Он уставил вниз глаза и на лицо его точно упала туча.
— А вот еще кто-то кричит во мне: «Убийца ты и весь в крови… убийца!..»
Он смотрел в одно место, в пространство между двух ракит с печально свешенными книзу ветвями. Лунные лучи серебрили их и на траве отражались дрожащие кружева листьев. Он долго смотрел широко раскрывшимися глазами и лицо его выражало все больший ужас.
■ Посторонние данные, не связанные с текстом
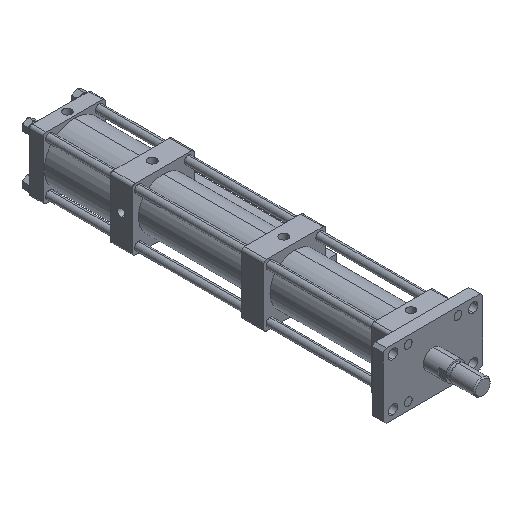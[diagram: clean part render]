
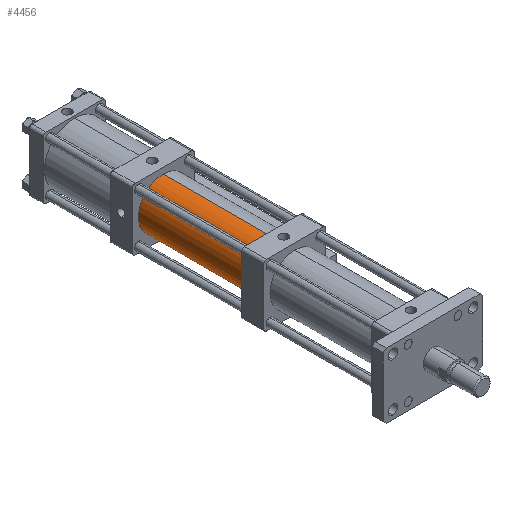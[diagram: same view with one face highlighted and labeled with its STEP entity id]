
A CAD part, isometric view. The second image highlights one B-rep face of the part: STEP entity #4456.
In plain terms, the highlighted cylindrical face has radius 45 mm (diameter 90 mm), a partial arc.
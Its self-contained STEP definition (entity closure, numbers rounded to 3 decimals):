
#38 = ORIENTED_EDGE ( 'NONE', *, *, #7248, .F. ) ;
#131 = LINE ( 'NONE', #3623, #1578 ) ;
#311 = DIRECTION ( 'NONE',  ( 0., 1., 0. ) ) ;
#408 = ORIENTED_EDGE ( 'NONE', *, *, #6876, .T. ) ;
#536 = DIRECTION ( 'NONE',  ( 0., 1., 0. ) ) ;
#1034 = EDGE_CURVE ( 'NONE', #4378, #3433, #131, .T. ) ;
#1082 = EDGE_LOOP ( 'NONE', ( #2120, #38, #1577, #408 ) ) ;
#1323 = CYLINDRICAL_SURFACE ( 'NONE', #2456, 45. ) ;
#1336 = CIRCLE ( 'NONE', #2037, 45. ) ;
#1521 = FACE_OUTER_BOUND ( 'NONE', #1082, .T. ) ;
#1577 = ORIENTED_EDGE ( 'NONE', *, *, #2210, .T. ) ;
#1578 = VECTOR ( 'NONE', #4815, 1000. ) ;
#1625 = CARTESIAN_POINT ( 'NONE',  ( 0., 488.002, 45. ) ) ;
#2037 = AXIS2_PLACEMENT_3D ( 'NONE', #4216, #536, #4825 ) ;
#2120 = ORIENTED_EDGE ( 'NONE', *, *, #1034, .F. ) ;
#2210 = EDGE_CURVE ( 'NONE', #4490, #3374, #3654, .T. ) ;
#2323 = DIRECTION ( 'NONE',  ( 0., 0., -1. ) ) ;
#2456 = AXIS2_PLACEMENT_3D ( 'NONE', #4171, #7852, #2323 ) ;
#3374 = VERTEX_POINT ( 'NONE', #4101 ) ;
#3433 = VERTEX_POINT ( 'NONE', #4191 ) ;
#3458 = VECTOR ( 'NONE', #6291, 1000. ) ;
#3623 = CARTESIAN_POINT ( 'NONE',  ( 0., 488.002, 45. ) ) ;
#3654 = LINE ( 'NONE', #6922, #3458 ) ;
#3993 = CARTESIAN_POINT ( 'NONE',  ( 0., 488.002, 0. ) ) ;
#4101 = CARTESIAN_POINT ( 'NONE',  ( 0., 290.002, -45. ) ) ;
#4171 = CARTESIAN_POINT ( 'NONE',  ( 0., 488.002, 0. ) ) ;
#4191 = CARTESIAN_POINT ( 'NONE',  ( 0., 290.002, 45. ) ) ;
#4216 = CARTESIAN_POINT ( 'NONE',  ( 0., 290.002, 0. ) ) ;
#4378 = VERTEX_POINT ( 'NONE', #1625 ) ;
#4456 = ADVANCED_FACE ( 'NONE', ( #1521 ), #1323, .T. ) ;
#4490 = VERTEX_POINT ( 'NONE', #6674 ) ;
#4600 = DIRECTION ( 'NONE',  ( 0., 0., 1. ) ) ;
#4815 = DIRECTION ( 'NONE',  ( 0., -1., 0. ) ) ;
#4825 = DIRECTION ( 'NONE',  ( 0., 0., 1. ) ) ;
#5738 = CIRCLE ( 'NONE', #6819, 45. ) ;
#6291 = DIRECTION ( 'NONE',  ( 0., -1., 0. ) ) ;
#6674 = CARTESIAN_POINT ( 'NONE',  ( 0., 488.002, -45. ) ) ;
#6819 = AXIS2_PLACEMENT_3D ( 'NONE', #3993, #311, #4600 ) ;
#6876 = EDGE_CURVE ( 'NONE', #3374, #3433, #1336, .T. ) ;
#6922 = CARTESIAN_POINT ( 'NONE',  ( 0., 488.002, -45. ) ) ;
#7248 = EDGE_CURVE ( 'NONE', #4490, #4378, #5738, .T. ) ;
#7852 = DIRECTION ( 'NONE',  ( 0., -1., 0. ) ) ;
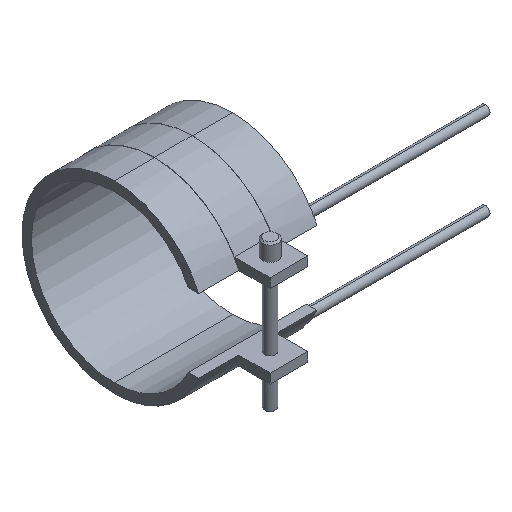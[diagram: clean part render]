
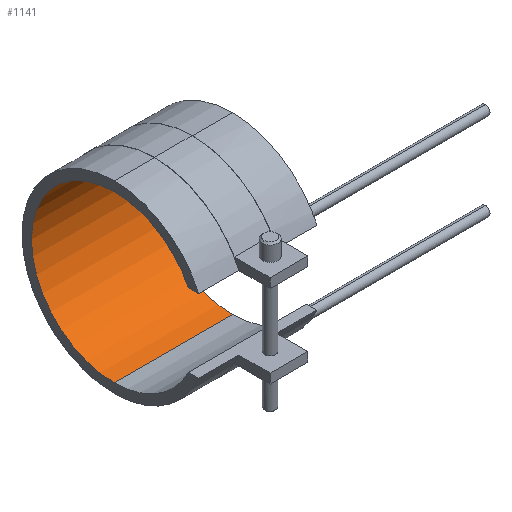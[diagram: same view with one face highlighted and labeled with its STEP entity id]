
A CAD part, isometric view. The second image highlights one B-rep face of the part: STEP entity #1141.
In plain terms, the highlighted cylindrical face has radius 35 mm (diameter 70 mm), a partial arc.
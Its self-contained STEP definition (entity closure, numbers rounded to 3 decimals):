
#822=CARTESIAN_POINT('Vertex',(-25.,0.,-35.)) ;
#829=CARTESIAN_POINT('Vertex',(25.,0.,-35.)) ;
#832=CARTESIAN_POINT('Line Origine',(25.,0.,-35.)) ;
#850=CARTESIAN_POINT('Axis2P3D Location',(-25.,0.,0.)) ;
#854=CARTESIAN_POINT('Vertex',(-25.,0.,35.)) ;
#911=CARTESIAN_POINT('Vertex',(25.,0.,35.)) ;
#921=CARTESIAN_POINT('Line Origine',(25.,0.,35.)) ;
#1012=CARTESIAN_POINT('Axis2P3D Location',(25.,0.,0.)) ;
#1130=CARTESIAN_POINT('Axis2P3D Location',(25.,0.,0.)) ;
#833=DIRECTION('Vector Direction',(1.,0.,0.)) ;
#851=DIRECTION('Axis2P3D Direction',(1.,0.,0.)) ;
#922=DIRECTION('Vector Direction',(1.,0.,0.)) ;
#1013=DIRECTION('Axis2P3D Direction',(1.,0.,0.)) ;
#1131=DIRECTION('Axis2P3D Direction',(1.,0.,-0.)) ;
#1132=DIRECTION('Axis2P3D XDirection',(0.,0.,-1.)) ;
#852=AXIS2_PLACEMENT_3D('Circle Axis2P3D',#850,#851,$) ;
#1014=AXIS2_PLACEMENT_3D('Circle Axis2P3D',#1012,#1013,$) ;
#1133=AXIS2_PLACEMENT_3D('Cylinder Axis2P3D',#1130,#1131,#1132) ;
#1136=ORIENTED_EDGE('',*,*,#1016,.T.) ;
#1137=ORIENTED_EDGE('',*,*,#925,.T.) ;
#1138=ORIENTED_EDGE('',*,*,#856,.F.) ;
#1139=ORIENTED_EDGE('',*,*,#836,.T.) ;
#834=VECTOR('Line Direction',#833,1.) ;
#923=VECTOR('Line Direction',#922,1.) ;
#1141=ADVANCED_FACE('14070050',(#1140),#1134,.F.) ;
#853=CIRCLE('generated circle',#852,35.) ;
#1015=CIRCLE('generated circle',#1014,35.) ;
#1134=CYLINDRICAL_SURFACE('generated cylinder',#1133,35.) ;
#836=EDGE_CURVE('',#823,#830,#835,.T.) ;
#856=EDGE_CURVE('',#823,#855,#853,.T.) ;
#925=EDGE_CURVE('',#912,#855,#924,.F.) ;
#1016=EDGE_CURVE('',#830,#912,#1015,.T.) ;
#1135=EDGE_LOOP('',(#1136,#1137,#1138,#1139)) ;
#1140=FACE_OUTER_BOUND('',#1135,.T.) ;
#835=LINE('Line',#832,#834) ;
#924=LINE('Line',#921,#923) ;
#823=VERTEX_POINT('',#822) ;
#830=VERTEX_POINT('',#829) ;
#855=VERTEX_POINT('',#854) ;
#912=VERTEX_POINT('',#911) ;
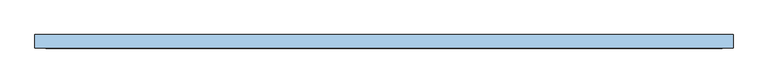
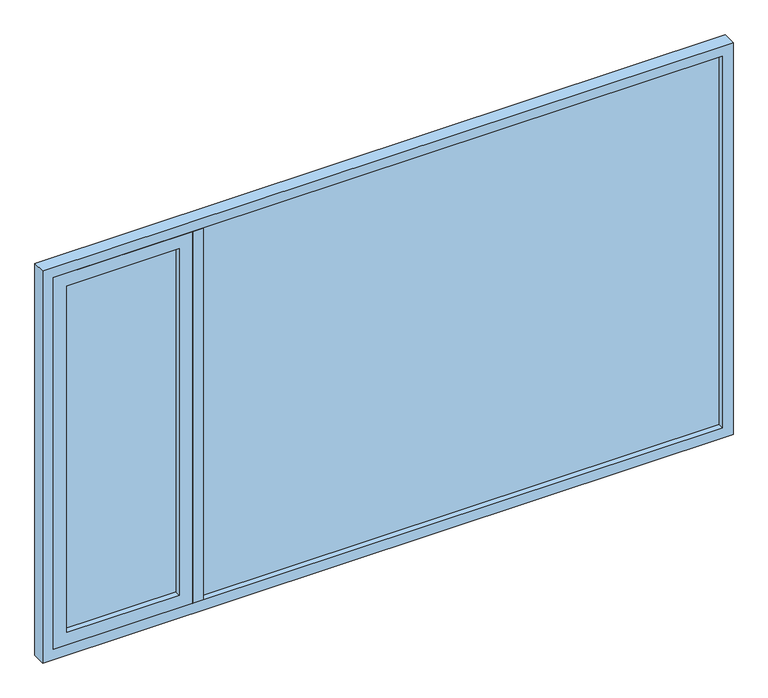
"""IFC4 building model written with IfcOpenShell, lengths in millimetres: window geometry, VENT_ALUM_PROY_LATERAL : VD-22 / PROYECC LATERALREC PH 2.58 X 1.55."""

from ifc_helpers import new_model, si_unit, frame, origin, place, context, project, spatial, polyline, outline, extrude, source, transform, mapped, element, save


def window_03314aeb(model_context):
    return source(origin(), model_context, "Body", "SweptSolid", [
        extrude(outline(polyline([(2072.5, 3.0), (2072.5, -3.0), (132.5, -3.0), (132.5, 3.0), (2072.5, 3.0)])), frame((0.0, 0.0, 2040.0), z_axis=(0.0, 0.0, 1.0), x_axis=(1.0, 0.0, 0.0)), (0.0, 0.0, 1.0), 1470.0),
        extrude(outline(polyline([(3550.0, -467.5), (2000.0, -467.5), (2000.0, 2112.5), (3550.0, 2112.5), (3550.0, -467.5)]), holes=[polyline([(2040.0, -427.5), (3510.0, -427.5), (3510.0, 2072.5), (2040.0, 2072.5), (2040.0, -427.5)])]), frame((0.0, -25.0, 0.0), z_axis=(0.0, 1.0, 0.0), x_axis=(0.0, 0.0, 1.0)), (0.0, 0.0, 1.0), 50.0),
        extrude(outline(polyline([(92.5, -25.0), (92.5, 25.0), (132.5, 25.0), (132.5, -25.0), (92.5, -25.0)])), frame((0.0, 0.0, 2040.0), z_axis=(0.0, 0.0, 1.0), x_axis=(1.0, 0.0, 0.0)), (0.0, 0.0, 1.0), 1470.0),
        extrude(outline(polyline([(42.5, 3.0), (42.5, -3.0), (-377.5, -3.0), (-377.5, 3.0), (42.5, 3.0)])), frame((0.0, 0.0, 2080.0), z_axis=(0.0, 0.0, 1.0), x_axis=(1.0, 0.0, 0.0)), (0.0, 0.0, 1.0), 1380.0),
        extrude(outline(polyline([(3510.0, -427.5), (2040.0, -427.5), (2040.0, 92.5), (3510.0, 92.5), (3510.0, -427.5)]), holes=[polyline([(2090.0, -377.5), (3460.0, -377.5), (3460.0, 42.5), (2090.0, 42.5), (2090.0, -377.5)])]), frame((0.0, -25.0, 0.0), z_axis=(0.0, 1.0, 0.0), x_axis=(0.0, 0.0, 1.0)), (0.0, 0.0, 1.0), 50.0),
    ])


if __name__ == "__main__":
    model = new_model("IFC4")
    model_context = context("Model", 3, world=origin())
    ifc_project = project(units=[si_unit("LENGTHUNIT", "METRE", prefix="MILLI")], contexts=[model_context])
    site = spatial("IfcSite", under=ifc_project)
    building = spatial("IfcBuilding", under=site)
    placement = place(None, origin())
    window_shape = window_03314aeb(model_context)
    element("IfcWindow", 1, ObjectType="VENT_ALUM_PROY_LATERAL : VD-22 / PROYECC LATERALREC PH 2.58 X 1.55", at=placement, inside=building, context=model_context, shape_type="MappedRepresentation", body=[
        mapped(window_shape, transform((0.0, 0.0, 0.0), x_axis=(1.0, 0.0, 0.0), y_axis=(0.0, 1.0, 0.0), z_axis=(0.0, 0.0, 1.0))),
    ])
    save(model, "model.ifc")

Со времени появления видения Клары в его душе была вечная тревога, опасение, нет ли около него призрака мертвеца. Страх этот все более овладевал им по мере того, как он проникался мыслями сына и верой, что мертвые блуждают среди живых. Днем он успешно боролся со своими страхами и в борьбе с ними так называемый здравый смысл всегда торжествовал. Но наступала ночь и пугливость овладевала им настолько, что он делался жертвой ярких образов своего воображения. Ему казалось, что слышатся шаги, шелестят и подымаются занавеси и портьеры и что всюду скользят тени — обличители его злых деяний. И он не мог понять: видит он их на самом деле или они создания его собственного ума.